Falls der Abgesandte des Khans irgendwelche Fragen zu diesen seltsamen Türmen hatte, so behielt er sie jedenfalls für sich.
Seit einer Woche stand die rote Jurte vor den verriegelten Stadttoren. Nach mongolischer Tradition war zuerst ein weißes Zelt aufgeschlagen worden, um den Stadtherren die Möglichkeit zu schaffen, ohne Gefahr für Leib und Leben über ihre Kapitulation zu beraten. Wenn das rote wollene Zelt - das ger oder die Jurte - das weiße Zelt ablöste, wurde damit angezeigt, dass ein Angriff unmittelbar bevorstand. Und wenn das rote Zelt abgebaut und dafür ein schwarzes Zelt errichtet wurde, so war dies das Todesurteil für alle, die sich innerhalb der Stadtmauern aufhielten.
In den Tagen, seit das rote ger an der Straße zum Stadttor im Wind schwankte und flatterte, hatte es entweder geregnet oder der Himmel war dicht bewölkt gewesen. Heute würde das Wetter anscheinend zum ersten Mal aufklaren, und sobald Khenbish sicher war, dass sich die Sonne gegen den Dunst durchsetzen werde, schickte er Sklaven auf die brachliegenden Felder hinaus, um das rote Zelt abzubauen und sein Unheil verkündendes Pendant zu errichten.
Bogenschützen nahmen die Sklaven ins Visier, sobald sie in Schussweite gerieten. Pfeilsalven, so dicht wie Insektenschwärme, spickten den Untergrund rund um die Männer. Und fanden auch ihr Ziel. Vier Sklaven gingen, als sie getroffen wurden, auf der Stelle zu Boden; zwei andere taumelten weiter mit dünnen Holzschäften, die aus ihren Körpern ragten. Die restlichen ließen sich nicht beirren und wurden durch die Masse des zusammengepackten schwarzen Zeltes geschützt.

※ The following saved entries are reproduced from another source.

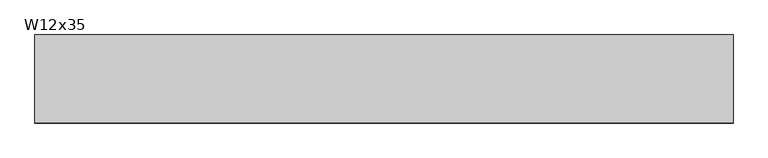
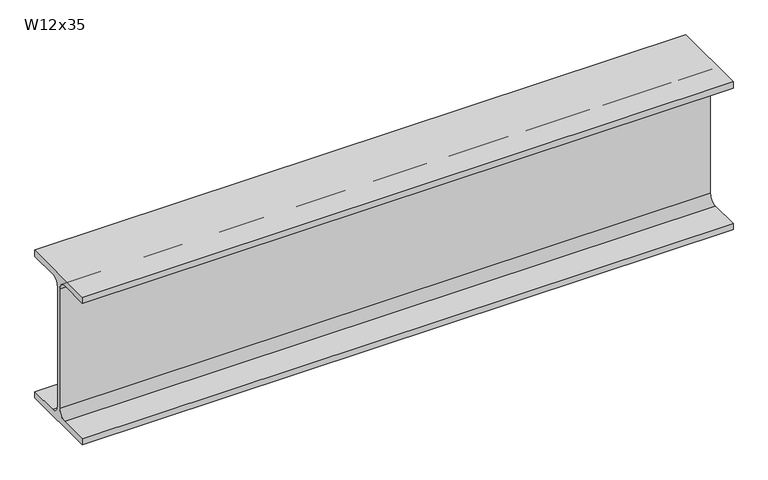
"""IFC4 building model written with IfcOpenShell, lengths in millimetres: beam geometry, RME W-Wide Flange : W12x35."""

from ifc_helpers import new_model, si_unit, point, frame, frame_2d, origin, place, context, project, spatial, polyline, circle_curve, trimmed, segment, composite_curve, outline, extrude, source, transform, mapped, element, save


def w12x35_ceaafe31(model_context):
    return source(origin(), model_context, "Body", "SweptSolid", [
        extrude(outline(composite_curve([segment(polyline([(83.312, -145.542), (83.312, -158.75), (-83.312, -158.75), (-83.312, -145.542), (-20.7645, -145.542)]), True, "CONTINUOUS"), segment(trimmed(circle_curve(frame_2d((-20.7645, -128.5875)), 16.9545), [point((-20.7645, -145.542))], [point((-3.81, -128.5875))], True, "CARTESIAN"), True, "CONTINUOUS"), segment(polyline([(-3.81, -128.5875), (-3.81, 128.5875)]), True, "CONTINUOUS"), segment(trimmed(circle_curve(frame_2d((-20.7645, 128.5875)), 16.9545), [point((-3.81, 128.5875))], [point((-20.7645, 145.542))], True, "CARTESIAN"), True, "CONTINUOUS"), segment(polyline([(-20.7645, 145.542), (-83.312, 145.542), (-83.312, 158.75), (83.312, 158.75), (83.312, 145.542), (20.7645, 145.542)]), True, "CONTINUOUS"), segment(trimmed(circle_curve(frame_2d((20.7645, 128.5875)), 16.9545), [point((20.7645, 145.542))], [point((3.81, 128.5875))], True, "CARTESIAN"), True, "CONTINUOUS"), segment(polyline([(3.81, 128.5875), (3.81, -128.5875)]), True, "CONTINUOUS"), segment(trimmed(circle_curve(frame_2d((20.7645, -128.5875)), 16.9545), [point((3.81, -128.5875))], [point((20.7645, -145.542))], True, "CARTESIAN"), True, "CONTINUOUS"), segment(polyline([(20.7645, -145.542), (83.312, -145.542)]), True, "CONTINUOUS")], self_intersect=False)), frame((-660.4, 0.0, 0.0), z_axis=(1.0, 0.0, 0.0), x_axis=(0.0, 1.0, 0.0)), (0.0, 0.0, 1.0), 1320.8),
    ])


if __name__ == "__main__":
    model = new_model("IFC4")
    model_context = context("Model", 3, world=origin())
    ifc_project = project(units=[si_unit("LENGTHUNIT", "METRE", prefix="MILLI")], contexts=[model_context])
    site = spatial("IfcSite", under=ifc_project)
    building = spatial("IfcBuilding", under=site)
    placement = place(None, origin())
    w12x35_shape = w12x35_ceaafe31(model_context)
    element("IfcBeam", 1, ObjectType="RME W-Wide Flange : W12x35", at=placement, inside=building, context=model_context, shape_type="MappedRepresentation", body=[
        mapped(w12x35_shape, transform((0.0, 0.0, 0.0), x_axis=(1.0, 0.0, 0.0), y_axis=(0.0, 1.0, 0.0), z_axis=(0.0, 0.0, 1.0))),
    ])
    save(model, "model.ifc")

# Revit data of these elements
# Type "RME W-Wide Flange : W12x35"
#   WELD P [instance default] = ""
#   WELD LE [instance default] = ""
#   WELD D [instance default] = ""
#   TOP SECTION SIZE [instance default] = ""
#   TOP SECTION LENGTH [instance default] = ""
#   REMARKS [instance default] = ""
#   REINF TYPE [instance default] = ""
#   Nominal Size = "W24"
#   End Bearing Capacity [instance default] = ""
#   BOT SECTION SIZE [instance default] = ""
#   BOT SECTION LENGTH [instance default] = ""
#   Assembly Code = "B10"
#   W = 35
#   Start Extension Calculation [instance default] = 10' - 0"
#   Start Extension [instance default] = -0' - 0 1/2"
#   End Extension Calculation [instance default] = 10' - 0"
#   End Extension [instance default] = -0' - 0 1/2"
#   Length [instance default] = 5' - 0"
#   bf = 0' - 6.56"
#   d = 1' - 0 1/2"
#   k = 0' - 1 3/16"
#   k2 = 0' - 0.6675"
#   tf = 0' - 0.52"
#   tw = 0' - 0.3"
#   A = 0.0715278 SF
#   Structural Material [instance default] = Metal - Steel - ASTM A992
# Element 1 (IfcBeam, "RME W-Wide Flange : W12x35")
#   Length = 4' - 4"
#   Materials on its faces: "Metal - Steel - ASTM A992"
# Materials
#   "Metal - Steel - ASTM A992": class "Metal", colour RGB 255 128 0, transparency 0
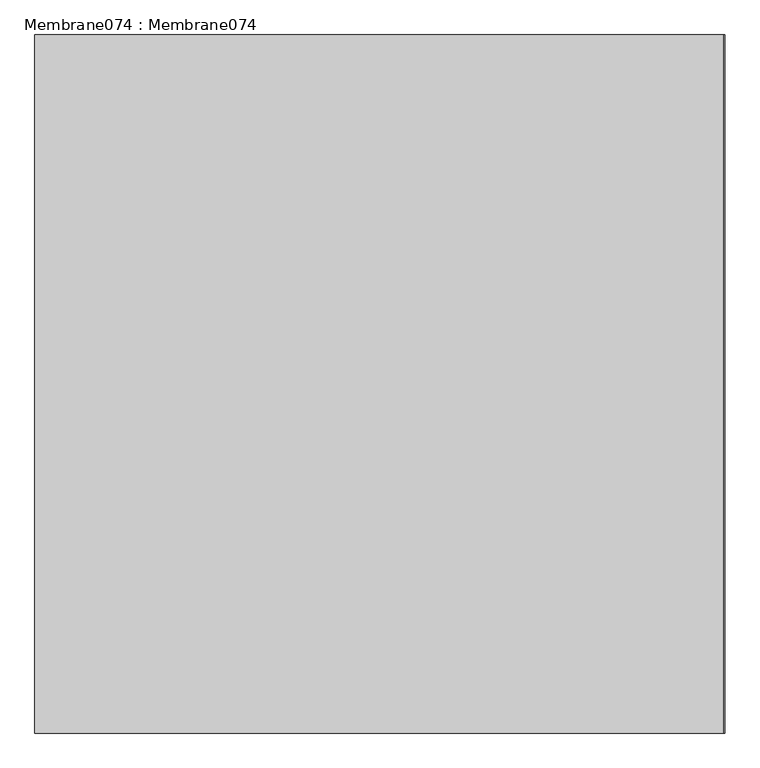
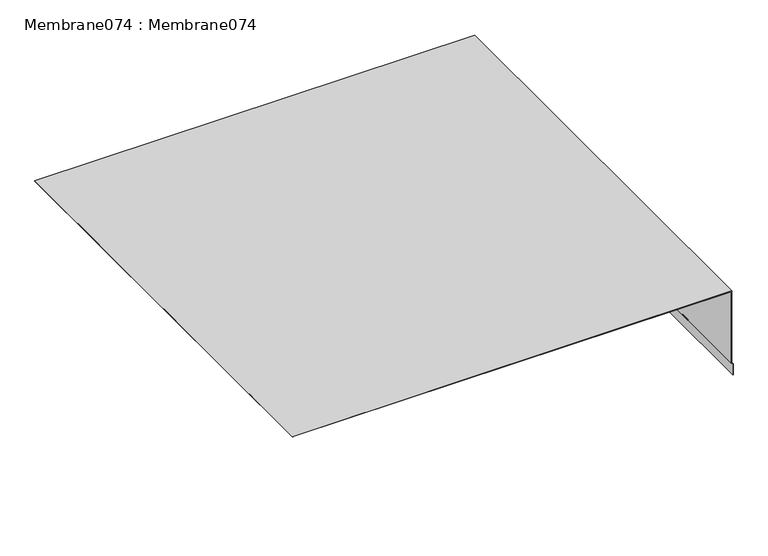
"""IFC4 building model written with IfcOpenShell, lengths in millimetres: proxy geometry, Membrane074 : Membrane074."""

from ifc_helpers import new_model, si_unit, frame, origin, place, context, project, spatial, polyline, outline, extrude, source, transform, mapped, element, save


def membrane074_membrane074_6a089782(model_context):
    return source(origin(), model_context, "Body", "SweptSolid", [
        extrude(outline(polyline([(41765.5156643, 6152.9411918), (41425.552531, 6152.9411918), (41420.2431049, 6158.2506179), (41368.3607574, 6158.2506179), (41368.3607574, 6160.2506179), (41420.9955678, 6160.2506179), (41426.304994, 6154.9411918), (41767.5156643, 6154.9411918), (41767.5156643, 4182.2779227), (41765.5156643, 4182.2779227), (41765.5156643, 6152.9411918)])), frame((0.0, 2217.3609988, 0.0), z_axis=(0.0, 1.0, 0.0), x_axis=(0.0, 0.0, 1.0)), (0.0, 0.0, 1.0), 2000.0),
    ])


if __name__ == "__main__":
    model = new_model("IFC4")
    model_context = context("Model", 3, world=origin())
    ifc_project = project(units=[si_unit("LENGTHUNIT", "METRE", prefix="MILLI")], contexts=[model_context])
    site = spatial("IfcSite", under=ifc_project)
    building = spatial("IfcBuilding", under=site)
    placement = place(None, origin())
    membrane074_membrane074_shape = membrane074_membrane074_6a089782(model_context)
    element("IfcBuildingElementProxy", 1, Name="Membrane074 : Membrane074", ObjectType="Membrane074 : Membrane074", at=placement, inside=building, context=model_context, shape_type="MappedRepresentation", body=[
        mapped(membrane074_membrane074_shape, transform((0.0, 0.0, 0.0), x_axis=(1.0, 0.0, 0.0), y_axis=(0.0, 1.0, 0.0), z_axis=(0.0, 0.0, 1.0))),
    ])
    save(model, "model.ifc")

# Revit data of these elements
# Type "Membrane074 : Membrane074"
#   NameOverride = "Membrane074"
# Element 1 (IfcBuildingElementProxy, "Membrane074 : Membrane074")
#   Materials on its faces: "ASPHALT SATURATED ORGANIC FELT @ ROOF"
# Materials
#   "ASPHALT SATURATED ORGANIC FELT @ ROOF": class "Unassigned", colour RGB 85 170 127, transparency 0
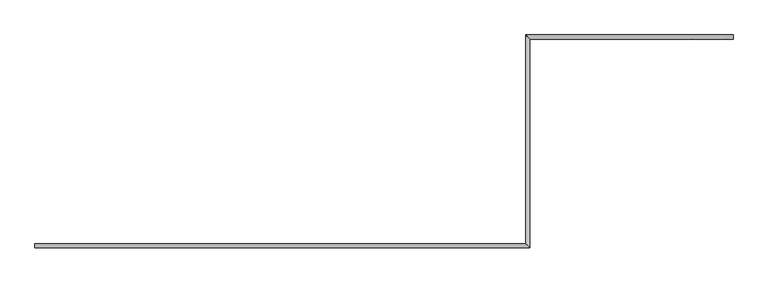
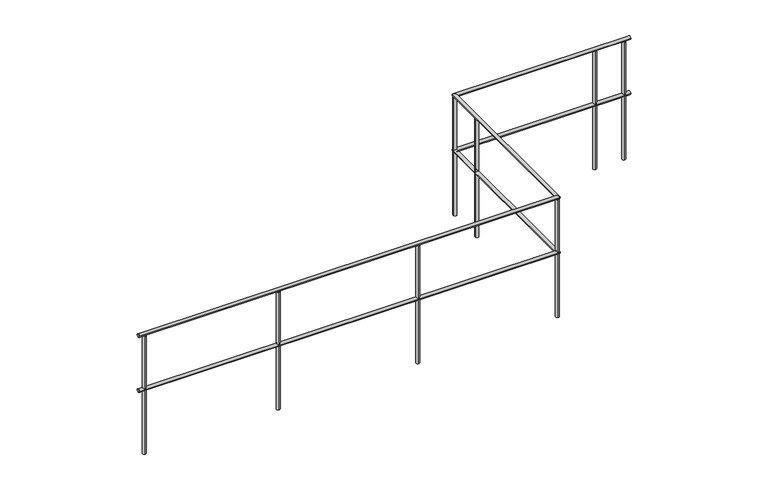
"""IFC4 building model written with IfcOpenShell, lengths in millimetres: railing geometry."""

from ifc_helpers import new_model, si_unit, point, frame, frame_2d, origin, place, context, project, spatial, circle_curve, ellipse_curve, trimmed, segment, composite_curve, outline, extrude, source, transform, mapped, element, save
from ifc_brep_helpers import plane_surface, cylinder_surface, advanced_brep


def railing_814e4083(model_context):
    return source(origin(), model_context, "Body", "SolidModel", [
        advanced_brep(
        [(60716.32048, 71467.0208589, 885.0), (60716.32048, 71437.0208589, 885.0), (64301.0, 71467.0208589, 885.0), (64331.0, 71437.0208589, 885.0), (64301.0, 72992.0208589, 885.0), (64331.0, 72962.0208589, 885.0), (65816.3017909, 72992.0208589, 885.0), (65816.3017909, 72962.0208589, 885.0)],
        [
            (0, 1, circle_curve(frame((60716.32048, 71452.0208589, 885.0), z_axis=(-1.0, 0.0, 0.0), x_axis=(0.0, -1.0, 0.0)), 15.0)),
            (1, 0, circle_curve(frame((60716.32048, 71452.0208589, 885.0), z_axis=(-1.0, 0.0, 0.0), x_axis=(0.0, -1.0, 0.0)), 15.0)),
            (0, 2),
            (2, 3, ellipse_curve(frame((64316.0, 71452.0208589, 885.0), z_axis=(-0.7071067811865483, -0.7071067811865466, 0.0), x_axis=(-0.7071067811865467, 0.7071067811865482, 0.0)), 21.2132034, 15.0)),
            (3, 1),
            (3, 2, ellipse_curve(frame((64316.0, 71452.0208589, 885.0), z_axis=(-0.7071067811865483, -0.7071067811865466, 0.0), x_axis=(-0.7071067811865467, 0.7071067811865482, 0.0)), 21.2132034, 15.0)),
            (2, 4),
            (4, 5, ellipse_curve(frame((64316.0, 72977.0208589, 885.0), z_axis=(-0.7071067811865496, -0.7071067811865455, 0.0), x_axis=(0.7071067811865455, -0.7071067811865496, 0.0)), 21.2132034, 15.0)),
            (5, 3),
            (5, 4, ellipse_curve(frame((64316.0, 72977.0208589, 885.0), z_axis=(-0.7071067811865496, -0.7071067811865455, 0.0), x_axis=(0.7071067811865455, -0.7071067811865496, 0.0)), 21.2132034, 15.0)),
            (6, 7, circle_curve(frame((65816.3017909, 72977.0208589, 885.0), z_axis=(1.0, 0.0, 0.0), x_axis=(0.0, -1.0, 0.0)), 15.0)),
            (7, 6, circle_curve(frame((65816.3017909, 72977.0208589, 885.0), z_axis=(1.0, 0.0, 0.0), x_axis=(0.0, -1.0, 0.0)), 15.0)),
            (4, 6),
            (7, 5),
        ],
        [
            plane_surface(frame((60716.32048, 71452.0208589, 900.0), z_axis=(-1.0, 0.0, 0.0), x_axis=(0.0, 1.0, 0.0))),
            cylinder_surface(frame((60716.32048, 71452.0208589, 885.0), z_axis=(-1.0, 0.0, 0.0), x_axis=(0.0, -1.0, 0.0)), 15.0),
            cylinder_surface(frame((64316.0, 71452.0208589, 885.0), z_axis=(0.0, -1.0, 0.0), x_axis=(1.0, 0.0, 0.0)), 15.0),
            plane_surface(frame((65816.3017909, 72977.0208589, 900.0), z_axis=(1.0, 0.0, 0.0), x_axis=(0.0, 1.0, 0.0))),
            cylinder_surface(frame((64316.0, 72977.0208589, 885.0), z_axis=(-1.0, 0.0, 0.0), x_axis=(0.0, -1.0, 0.0)), 15.0),
        ],
        [
            (0, [[1, 2]]),
            (1, [[-1, 3, 4, 5]]),
            (1, [[-2, -5, 6, -3]]),
            (2, [[-4, 7, 8, 9]]),
            (2, [[-6, -9, 10, -7]]),
            (3, [[11, 12]]),
            (4, [[-8, 13, -12, 14]]),
            (4, [[-10, -14, -11, -13]]),
        ],
    ),
        advanced_brep(
        [(60716.32048, 71467.0208589, 1385.0), (60716.32048, 71437.0208589, 1385.0), (64301.0, 71467.0208589, 1385.0), (64331.0, 71437.0208589, 1385.0), (64301.0, 72992.0208589, 1385.0), (64331.0, 72962.0208589, 1385.0), (65816.3017909, 72992.0208589, 1385.0), (65816.3017909, 72962.0208589, 1385.0)],
        [
            (0, 1, circle_curve(frame((60716.32048, 71452.0208589, 1385.0), z_axis=(-1.0, 0.0, 0.0), x_axis=(0.0, -1.0, 0.0)), 15.0)),
            (1, 0, circle_curve(frame((60716.32048, 71452.0208589, 1385.0), z_axis=(-1.0, 0.0, 0.0), x_axis=(0.0, -1.0, 0.0)), 15.0)),
            (0, 2),
            (2, 3, ellipse_curve(frame((64316.0, 71452.0208589, 1385.0), z_axis=(-0.7071067811865483, -0.7071067811865466, 0.0), x_axis=(-0.7071067811865467, 0.7071067811865482, 0.0)), 21.2132034, 15.0)),
            (3, 1),
            (3, 2, ellipse_curve(frame((64316.0, 71452.0208589, 1385.0), z_axis=(-0.7071067811865483, -0.7071067811865466, 0.0), x_axis=(-0.7071067811865467, 0.7071067811865482, 0.0)), 21.2132034, 15.0)),
            (2, 4),
            (4, 5, ellipse_curve(frame((64316.0, 72977.0208589, 1385.0), z_axis=(-0.7071067811865496, -0.7071067811865455, 0.0), x_axis=(0.7071067811865455, -0.7071067811865496, 0.0)), 21.2132034, 15.0)),
            (5, 3),
            (5, 4, ellipse_curve(frame((64316.0, 72977.0208589, 1385.0), z_axis=(-0.7071067811865496, -0.7071067811865455, 0.0), x_axis=(0.7071067811865455, -0.7071067811865496, 0.0)), 21.2132034, 15.0)),
            (6, 7, circle_curve(frame((65816.3017909, 72977.0208589, 1385.0), z_axis=(1.0, 0.0, 0.0), x_axis=(0.0, -1.0, 0.0)), 15.0)),
            (7, 6, circle_curve(frame((65816.3017909, 72977.0208589, 1385.0), z_axis=(1.0, 0.0, 0.0), x_axis=(0.0, -1.0, 0.0)), 15.0)),
            (4, 6),
            (7, 5),
        ],
        [
            plane_surface(frame((60716.32048, 71452.0208589, 1400.0), z_axis=(-1.0, 0.0, 0.0), x_axis=(0.0, 1.0, 0.0))),
            cylinder_surface(frame((60716.32048, 71452.0208589, 1385.0), z_axis=(-1.0, 0.0, 0.0), x_axis=(0.0, -1.0, 0.0)), 15.0),
            cylinder_surface(frame((64316.0, 71452.0208589, 1385.0), z_axis=(0.0, -1.0, 0.0), x_axis=(1.0, 0.0, 0.0)), 15.0),
            plane_surface(frame((65816.3017909, 72977.0208589, 1400.0), z_axis=(1.0, 0.0, 0.0), x_axis=(0.0, 1.0, 0.0))),
            cylinder_surface(frame((64316.0, 72977.0208589, 1385.0), z_axis=(-1.0, 0.0, 0.0), x_axis=(0.0, -1.0, 0.0)), 15.0),
        ],
        [
            (0, [[1, 2]]),
            (1, [[-1, 3, 4, 5]]),
            (1, [[-2, -5, 6, -3]]),
            (2, [[-4, 7, 8, 9]]),
            (2, [[-6, -9, 10, -7]]),
            (3, [[11, 12]]),
            (4, [[-8, 13, -12, 14]]),
            (4, [[-10, -14, -11, -13]]),
        ],
    ),
        extrude(outline(composite_curve([segment(trimmed(circle_curve(frame_2d((65516.0, 72977.0208589)), 15.0), [point((65516.0, 72992.0208589))], [point((65516.0, 72962.0208589))], False, "CARTESIAN"), True, "CONTINUOUS"), segment(trimmed(circle_curve(frame_2d((65516.0, 72977.0208589)), 15.0), [point((65516.0, 72962.0208589))], [point((65516.0, 72992.0208589))], False, "CARTESIAN"), True, "CONTINUOUS")], self_intersect=False)), frame((0.0, 0.0, 300.0), z_axis=(0.0, 0.0, 1.0), x_axis=(1.0, 0.0, 0.0)), (0.0, 0.0, 1.0), 1070.0),
        extrude(outline(composite_curve([segment(trimmed(circle_curve(frame_2d((64316.0, 72652.0208589)), 15.0), [point((64301.0, 72652.0208589))], [point((64331.0, 72652.0208589))], False, "CARTESIAN"), True, "CONTINUOUS"), segment(trimmed(circle_curve(frame_2d((64316.0, 72652.0208589)), 15.0), [point((64331.0, 72652.0208589))], [point((64301.0, 72652.0208589))], False, "CARTESIAN"), True, "CONTINUOUS")], self_intersect=False)), frame((0.0, 0.0, 300.0), z_axis=(0.0, 0.0, 1.0), x_axis=(1.0, 0.0, 0.0)), (0.0, 0.0, 1.0), 1070.0),
        extrude(outline(composite_curve([segment(trimmed(circle_curve(frame_2d((63116.32048, 71452.0208589)), 15.0), [point((63116.32048, 71467.0208589))], [point((63116.32048, 71437.0208589))], False, "CARTESIAN"), True, "CONTINUOUS"), segment(trimmed(circle_curve(frame_2d((63116.32048, 71452.0208589)), 15.0), [point((63116.32048, 71437.0208589))], [point((63116.32048, 71467.0208589))], False, "CARTESIAN"), True, "CONTINUOUS")], self_intersect=False)), frame((0.0, 0.0, 300.0), z_axis=(0.0, 0.0, 1.0), x_axis=(1.0, 0.0, 0.0)), (0.0, 0.0, 1.0), 1070.0),
        extrude(outline(composite_curve([segment(trimmed(circle_curve(frame_2d((61916.32048, 71452.0208589)), 15.0), [point((61916.32048, 71467.0208589))], [point((61916.32048, 71437.0208589))], False, "CARTESIAN"), True, "CONTINUOUS"), segment(trimmed(circle_curve(frame_2d((61916.32048, 71452.0208589)), 15.0), [point((61916.32048, 71437.0208589))], [point((61916.32048, 71467.0208589))], False, "CARTESIAN"), True, "CONTINUOUS")], self_intersect=False)), frame((0.0, 0.0, 300.0), z_axis=(0.0, 0.0, 1.0), x_axis=(1.0, 0.0, 0.0)), (0.0, 0.0, 1.0), 1070.0),
        extrude(outline(composite_curve([segment(trimmed(circle_curve(frame_2d((64316.0, 72977.0208589)), 15.0), [point((64301.0, 72977.0208589))], [point((64331.0, 72977.0208589))], False, "CARTESIAN"), True, "CONTINUOUS"), segment(trimmed(circle_curve(frame_2d((64316.0, 72977.0208589)), 15.0), [point((64331.0, 72977.0208589))], [point((64301.0, 72977.0208589))], False, "CARTESIAN"), True, "CONTINUOUS")], self_intersect=False)), frame((0.0, 0.0, 300.0), z_axis=(0.0, 0.0, 1.0), x_axis=(1.0, 0.0, 0.0)), (0.0, 0.0, 1.0), 1070.0),
        extrude(outline(composite_curve([segment(trimmed(circle_curve(frame_2d((64316.0, 71452.0208589)), 15.0), [point((64316.0, 71467.0208589))], [point((64316.0, 71437.0208589))], False, "CARTESIAN"), True, "CONTINUOUS"), segment(trimmed(circle_curve(frame_2d((64316.0, 71452.0208589)), 15.0), [point((64316.0, 71437.0208589))], [point((64316.0, 71467.0208589))], False, "CARTESIAN"), True, "CONTINUOUS")], self_intersect=False)), frame((0.0, 0.0, 300.0), z_axis=(0.0, 0.0, 1.0), x_axis=(1.0, 0.0, 0.0)), (0.0, 0.0, 1.0), 1070.0),
        extrude(outline(composite_curve([segment(trimmed(circle_curve(frame_2d((65766.3017909, 72977.0208589)), 15.0), [point((65766.3017909, 72992.0208589))], [point((65766.3017909, 72962.0208589))], False, "CARTESIAN"), True, "CONTINUOUS"), segment(trimmed(circle_curve(frame_2d((65766.3017909, 72977.0208589)), 15.0), [point((65766.3017909, 72962.0208589))], [point((65766.3017909, 72992.0208589))], False, "CARTESIAN"), True, "CONTINUOUS")], self_intersect=False)), frame((0.0, 0.0, 300.0), z_axis=(0.0, 0.0, 1.0), x_axis=(1.0, 0.0, 0.0)), (0.0, 0.0, 1.0), 1070.0),
        extrude(outline(composite_curve([segment(trimmed(circle_curve(frame_2d((60766.32048, 71452.0208589)), 15.0), [point((60766.32048, 71467.0208589))], [point((60766.32048, 71437.0208589))], False, "CARTESIAN"), True, "CONTINUOUS"), segment(trimmed(circle_curve(frame_2d((60766.32048, 71452.0208589)), 15.0), [point((60766.32048, 71437.0208589))], [point((60766.32048, 71467.0208589))], False, "CARTESIAN"), True, "CONTINUOUS")], self_intersect=False)), frame((0.0, 0.0, 300.0), z_axis=(0.0, 0.0, 1.0), x_axis=(1.0, 0.0, 0.0)), (0.0, 0.0, 1.0), 1070.0),
    ])


if __name__ == "__main__":
    model = new_model("IFC4")
    model_context = context("Model", 3, world=origin())
    ifc_project = project(units=[si_unit("LENGTHUNIT", "METRE", prefix="MILLI")], contexts=[model_context])
    site = spatial("IfcSite", under=ifc_project)
    building = spatial("IfcBuilding", under=site)
    placement = place(None, origin())
    railing_shape = railing_814e4083(model_context)
    element("IfcRailing", 1, at=placement, inside=building, context=model_context, shape_type="MappedRepresentation", body=[
        mapped(railing_shape, transform((0.0, 0.0, 0.0), x_axis=(1.0, 0.0, 0.0), y_axis=(0.0, 1.0, 0.0), z_axis=(0.0, 0.0, 1.0))),
    ])
    save(model, "model.ifc")

Sofort wurde Ersatz hinausgeschickt. Sie nahmen einen Zickzack-Kurs über die Felder, um den Bogenschützen das Zielen zu erschweren. Die meisten hatten damit Erfolg, doch einige brachen zusammen und trieben sich, als sie zu Boden stürzten, die Pfeile nur noch tiefer in die Leiber. Insgesamt waren zwanzig Männer nötig, um das Zelt aufzubauen, und von denen schafften es nur fünf hinter die mongolischen Linien zurück.
»Das erscheint mir ziemlich unwirtschaftlich«, stellte der Beobachter mit seinem schwerfälligen Akzent fest.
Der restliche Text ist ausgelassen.